Task brief: The output should match, line for line, the records from the line containing "#141=EDGE_LOOP('',(#131,#138,#139,#140));" through the line containing "Volume: 3987512 mm3;", with every picture left out.

Data entries:
=======

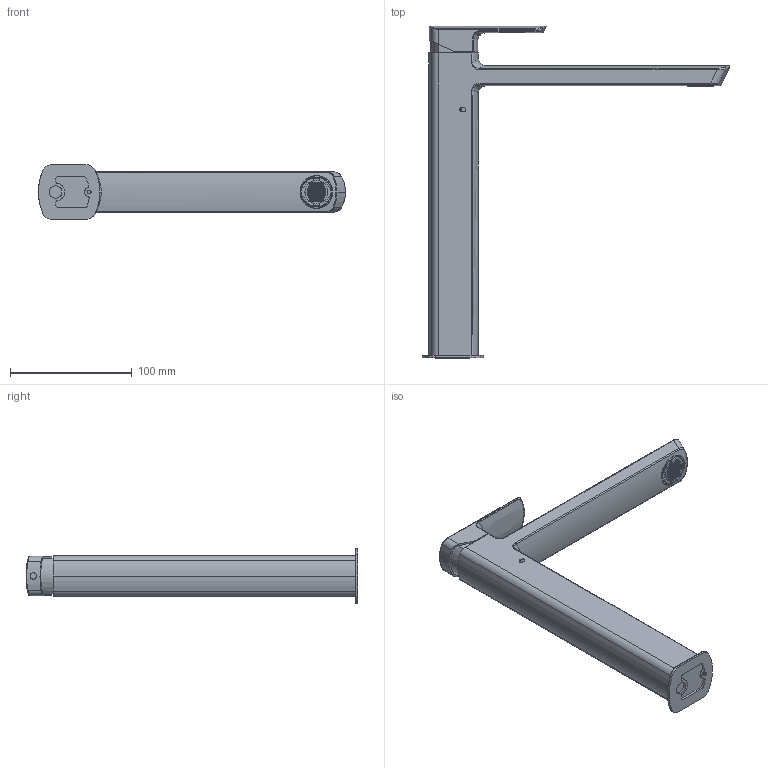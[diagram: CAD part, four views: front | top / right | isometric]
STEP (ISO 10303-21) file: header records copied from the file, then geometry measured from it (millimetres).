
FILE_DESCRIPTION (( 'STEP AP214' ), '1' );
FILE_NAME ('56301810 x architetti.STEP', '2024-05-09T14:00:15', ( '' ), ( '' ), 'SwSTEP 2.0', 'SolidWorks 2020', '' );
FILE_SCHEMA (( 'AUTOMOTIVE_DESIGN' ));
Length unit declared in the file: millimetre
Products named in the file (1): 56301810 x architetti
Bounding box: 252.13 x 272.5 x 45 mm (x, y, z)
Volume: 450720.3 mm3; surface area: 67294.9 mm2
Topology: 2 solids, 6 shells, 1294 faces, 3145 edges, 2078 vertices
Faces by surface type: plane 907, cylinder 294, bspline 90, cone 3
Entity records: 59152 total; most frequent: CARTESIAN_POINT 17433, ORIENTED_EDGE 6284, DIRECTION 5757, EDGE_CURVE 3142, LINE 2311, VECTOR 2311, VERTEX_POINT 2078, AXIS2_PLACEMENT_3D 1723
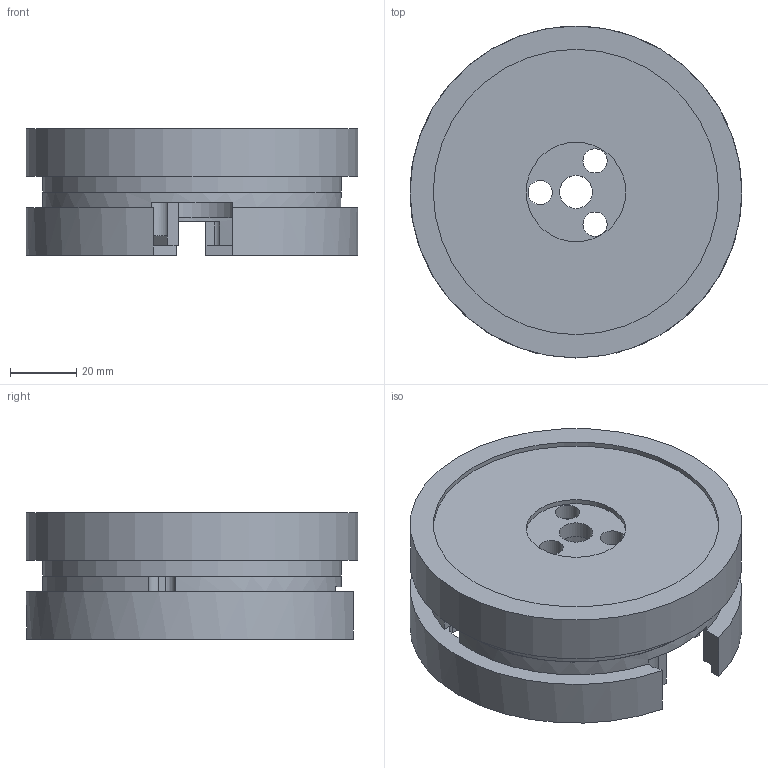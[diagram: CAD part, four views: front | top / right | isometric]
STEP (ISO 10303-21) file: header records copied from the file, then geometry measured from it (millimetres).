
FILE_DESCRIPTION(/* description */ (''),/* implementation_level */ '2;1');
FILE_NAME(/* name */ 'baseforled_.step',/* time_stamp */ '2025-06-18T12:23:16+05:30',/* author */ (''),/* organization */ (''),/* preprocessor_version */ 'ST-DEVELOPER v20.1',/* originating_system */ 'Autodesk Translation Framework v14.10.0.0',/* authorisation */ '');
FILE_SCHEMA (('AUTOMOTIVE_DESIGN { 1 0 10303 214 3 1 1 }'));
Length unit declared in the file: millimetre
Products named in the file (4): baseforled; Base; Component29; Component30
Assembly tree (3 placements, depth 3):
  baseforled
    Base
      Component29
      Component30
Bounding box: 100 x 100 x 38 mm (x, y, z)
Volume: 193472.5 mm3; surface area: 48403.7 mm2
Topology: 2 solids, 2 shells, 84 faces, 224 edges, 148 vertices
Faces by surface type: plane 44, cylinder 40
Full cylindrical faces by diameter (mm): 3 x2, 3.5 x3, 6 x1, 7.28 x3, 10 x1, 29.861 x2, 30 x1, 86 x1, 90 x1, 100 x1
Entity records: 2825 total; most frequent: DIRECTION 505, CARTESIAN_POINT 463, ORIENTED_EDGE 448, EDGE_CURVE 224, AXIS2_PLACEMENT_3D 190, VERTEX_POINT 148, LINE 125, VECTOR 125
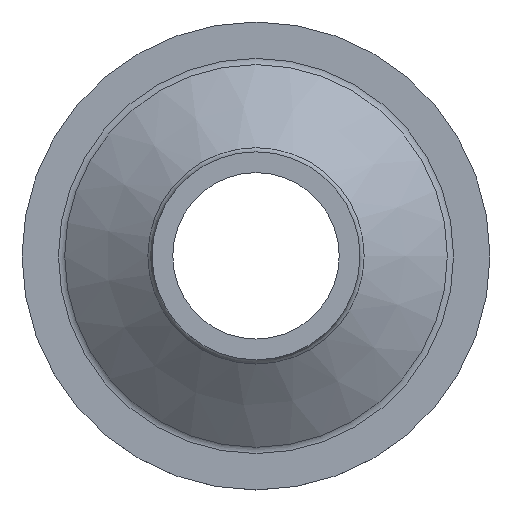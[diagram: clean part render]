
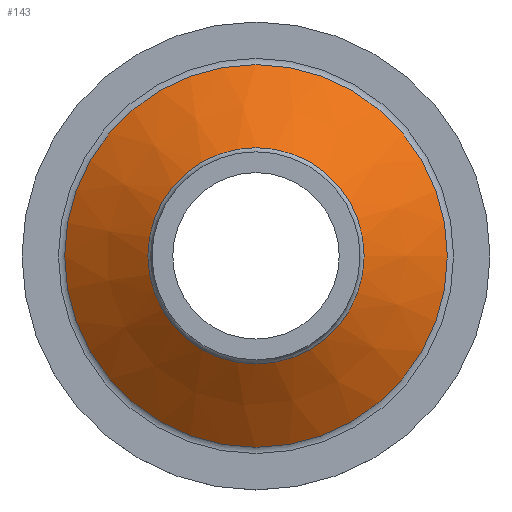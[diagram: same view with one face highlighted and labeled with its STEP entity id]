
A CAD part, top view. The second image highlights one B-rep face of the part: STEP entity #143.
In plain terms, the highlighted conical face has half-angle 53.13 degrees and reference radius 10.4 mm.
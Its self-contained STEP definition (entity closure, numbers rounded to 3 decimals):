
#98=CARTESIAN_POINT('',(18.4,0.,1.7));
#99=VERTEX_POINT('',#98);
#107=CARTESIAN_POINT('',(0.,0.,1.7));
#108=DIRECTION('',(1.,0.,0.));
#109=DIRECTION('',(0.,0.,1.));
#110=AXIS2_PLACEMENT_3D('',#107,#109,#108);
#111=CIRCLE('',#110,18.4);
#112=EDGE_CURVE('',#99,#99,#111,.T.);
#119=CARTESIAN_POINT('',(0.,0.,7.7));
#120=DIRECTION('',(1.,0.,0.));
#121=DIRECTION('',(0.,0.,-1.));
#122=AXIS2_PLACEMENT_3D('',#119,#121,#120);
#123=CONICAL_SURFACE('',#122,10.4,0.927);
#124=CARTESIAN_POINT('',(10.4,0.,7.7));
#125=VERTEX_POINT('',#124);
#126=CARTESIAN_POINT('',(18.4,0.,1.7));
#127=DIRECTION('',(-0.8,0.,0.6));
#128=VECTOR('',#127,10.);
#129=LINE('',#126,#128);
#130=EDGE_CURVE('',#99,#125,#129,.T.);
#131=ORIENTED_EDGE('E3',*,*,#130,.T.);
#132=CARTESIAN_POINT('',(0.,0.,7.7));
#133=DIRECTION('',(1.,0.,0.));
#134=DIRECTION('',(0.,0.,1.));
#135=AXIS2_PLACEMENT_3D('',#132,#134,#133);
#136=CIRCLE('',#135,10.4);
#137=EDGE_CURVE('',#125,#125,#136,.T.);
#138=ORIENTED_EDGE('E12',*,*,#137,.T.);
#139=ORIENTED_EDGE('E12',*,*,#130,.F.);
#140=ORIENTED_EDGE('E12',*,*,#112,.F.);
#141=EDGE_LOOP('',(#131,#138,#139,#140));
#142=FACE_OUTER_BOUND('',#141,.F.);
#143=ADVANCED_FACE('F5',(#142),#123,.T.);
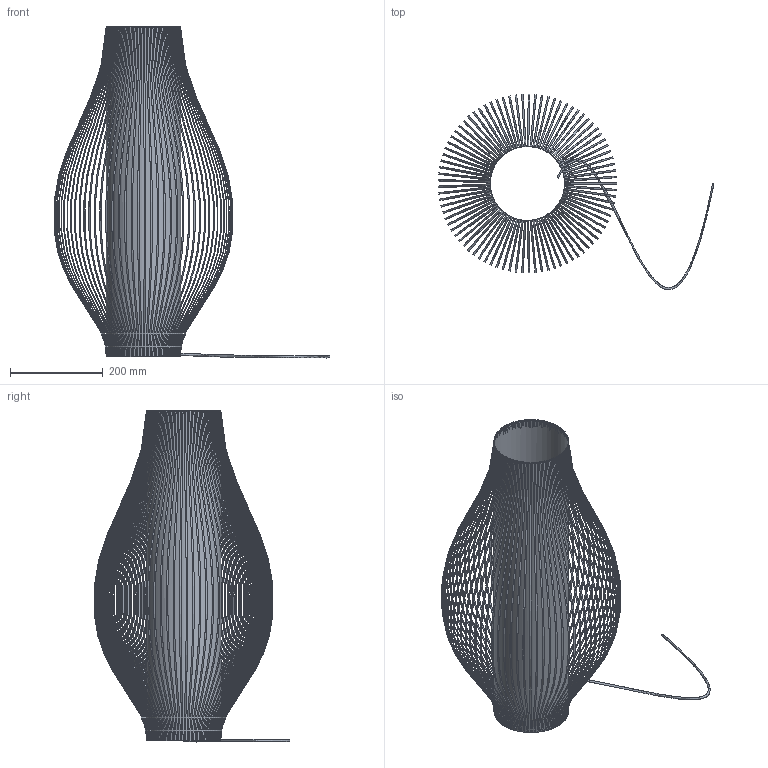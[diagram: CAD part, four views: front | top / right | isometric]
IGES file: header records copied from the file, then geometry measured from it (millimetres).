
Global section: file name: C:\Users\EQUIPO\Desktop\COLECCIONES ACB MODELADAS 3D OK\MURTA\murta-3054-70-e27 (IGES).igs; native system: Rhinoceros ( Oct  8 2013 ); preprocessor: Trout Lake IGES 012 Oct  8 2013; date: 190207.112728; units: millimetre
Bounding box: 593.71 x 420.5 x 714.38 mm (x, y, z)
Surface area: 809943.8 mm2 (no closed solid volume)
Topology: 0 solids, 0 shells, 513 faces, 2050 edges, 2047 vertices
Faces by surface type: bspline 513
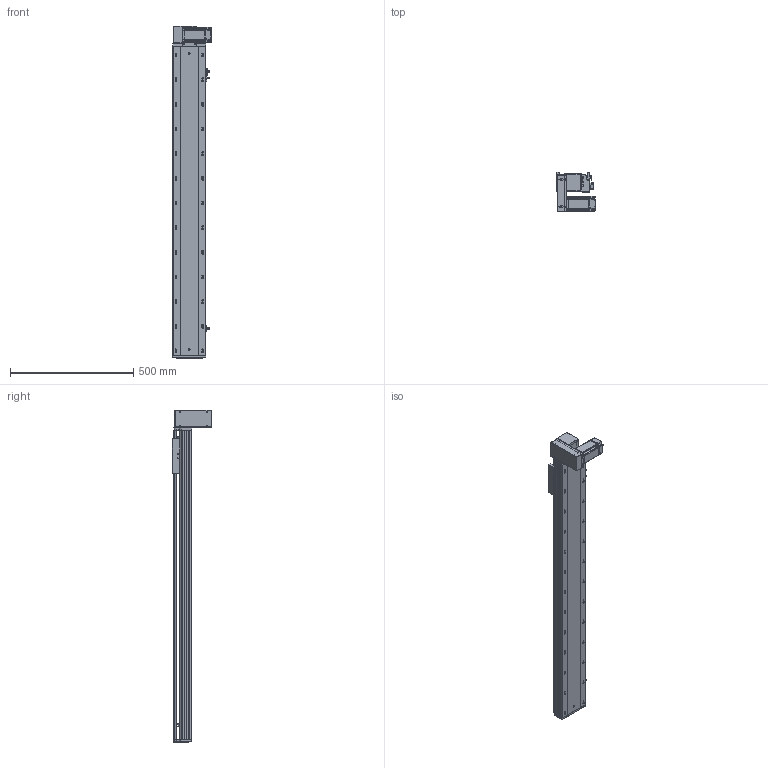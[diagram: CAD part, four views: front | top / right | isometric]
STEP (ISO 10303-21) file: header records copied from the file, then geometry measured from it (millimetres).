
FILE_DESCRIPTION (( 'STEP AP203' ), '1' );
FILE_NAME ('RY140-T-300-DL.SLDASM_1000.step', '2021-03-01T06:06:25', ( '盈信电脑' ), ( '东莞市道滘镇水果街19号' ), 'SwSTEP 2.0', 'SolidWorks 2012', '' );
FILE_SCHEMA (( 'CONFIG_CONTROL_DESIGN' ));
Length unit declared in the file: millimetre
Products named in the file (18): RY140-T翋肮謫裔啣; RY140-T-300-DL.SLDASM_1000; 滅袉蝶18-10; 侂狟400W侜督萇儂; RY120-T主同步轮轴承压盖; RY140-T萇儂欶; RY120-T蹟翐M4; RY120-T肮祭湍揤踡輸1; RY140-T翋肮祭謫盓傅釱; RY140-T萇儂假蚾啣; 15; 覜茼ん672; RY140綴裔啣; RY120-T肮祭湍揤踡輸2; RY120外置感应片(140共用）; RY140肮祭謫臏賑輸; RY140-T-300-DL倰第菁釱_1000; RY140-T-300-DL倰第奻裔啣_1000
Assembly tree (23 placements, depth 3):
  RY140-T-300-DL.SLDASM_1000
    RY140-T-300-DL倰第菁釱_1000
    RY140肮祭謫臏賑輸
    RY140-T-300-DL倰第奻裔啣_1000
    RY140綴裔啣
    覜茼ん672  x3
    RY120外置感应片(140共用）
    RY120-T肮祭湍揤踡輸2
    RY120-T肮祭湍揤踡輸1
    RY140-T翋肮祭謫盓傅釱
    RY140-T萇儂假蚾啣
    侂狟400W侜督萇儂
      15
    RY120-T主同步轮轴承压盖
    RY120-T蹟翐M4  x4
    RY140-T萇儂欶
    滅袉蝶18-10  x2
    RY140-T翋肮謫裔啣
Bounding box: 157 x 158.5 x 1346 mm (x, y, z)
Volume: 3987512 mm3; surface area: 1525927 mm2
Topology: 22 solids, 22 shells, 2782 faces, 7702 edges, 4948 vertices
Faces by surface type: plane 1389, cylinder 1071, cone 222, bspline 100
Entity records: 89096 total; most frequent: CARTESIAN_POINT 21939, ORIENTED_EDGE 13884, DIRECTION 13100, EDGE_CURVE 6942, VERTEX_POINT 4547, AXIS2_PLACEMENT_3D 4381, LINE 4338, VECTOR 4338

=======

Completed exercise:
#141=EDGE_LOOP('',(#131,#138,#139,#140));
#142=FACE_OUTER_BOUND('',#141,.F.);
#143=ADVANCED_FACE('F5',(#142),#123,.T.);
[diagram: CAD part, four views: front | top / right | isometric]
IGES file: header records copied from the file, then geometry measured from it (millimetres).
Global section: file name: C:\Users\EQUIPO\Desktop\COLECCIONES ACB MODELADAS 3D OK\MURTA\murta-3054-70-e27 (IGES).igs; native system: Rhinoceros ( Oct  8 2013 ); preprocessor: Trout Lake IGES 012 Oct  8 2013; date: 190207.112728; units: millimetre
Bounding box: 593.71 x 420.5 x 714.38 mm (x, y, z)
Surface area: 809943.8 mm2 (no closed solid volume)
Topology: 0 solids, 0 shells, 513 faces, 2050 edges, 2047 vertices
Faces by surface type: bspline 513
[diagram: CAD part, four views: front | top / right | isometric]
STEP (ISO 10303-21) file: header records copied from the file, then geometry measured from it (millimetres).
FILE_DESCRIPTION (( 'STEP AP203' ), '1' );
FILE_NAME ('RY140-T-300-DL.SLDASM_1000.step', '2021-03-01T06:06:25', ( '盈信电脑' ), ( '东莞市道滘镇水果街19号' ), 'SwSTEP 2.0', 'SolidWorks 2012', '' );
FILE_SCHEMA (( 'CONFIG_CONTROL_DESIGN' ));
Length unit declared in the file: millimetre
Products named in the file (18): RY140-T翋肮謫裔啣; RY140-T-300-DL.SLDASM_1000; 滅袉蝶18-10; 侂狟400W侜督萇儂; RY120-T主同步轮轴承压盖; RY140-T萇儂欶; RY120-T蹟翐M4; RY120-T肮祭湍揤踡輸1; RY140-T翋肮祭謫盓傅釱; RY140-T萇儂假蚾啣; 15; 覜茼ん672; RY140綴裔啣; RY120-T肮祭湍揤踡輸2; RY120外置感应片(140共用）; RY140肮祭謫臏賑輸; RY140-T-300-DL倰第菁釱_1000; RY140-T-300-DL倰第奻裔啣_1000
Assembly tree (23 placements, depth 3):
  RY140-T-300-DL.SLDASM_1000
    RY140-T-300-DL倰第菁釱_1000
    RY140肮祭謫臏賑輸
    RY140-T-300-DL倰第奻裔啣_1000
    RY140綴裔啣
    覜茼ん672  x3
    RY120外置感应片(140共用）
    RY120-T肮祭湍揤踡輸2
    RY120-T肮祭湍揤踡輸1
    RY140-T翋肮祭謫盓傅釱
    RY140-T萇儂假蚾啣
    侂狟400W侜督萇儂
      15
    RY120-T主同步轮轴承压盖
    RY120-T蹟翐M4  x4
    RY140-T萇儂欶
    滅袉蝶18-10  x2
    RY140-T翋肮謫裔啣
Bounding box: 157 x 158.5 x 1346 mm (x, y, z)
Volume: 3987512 mm3; surface area: 1525927 mm2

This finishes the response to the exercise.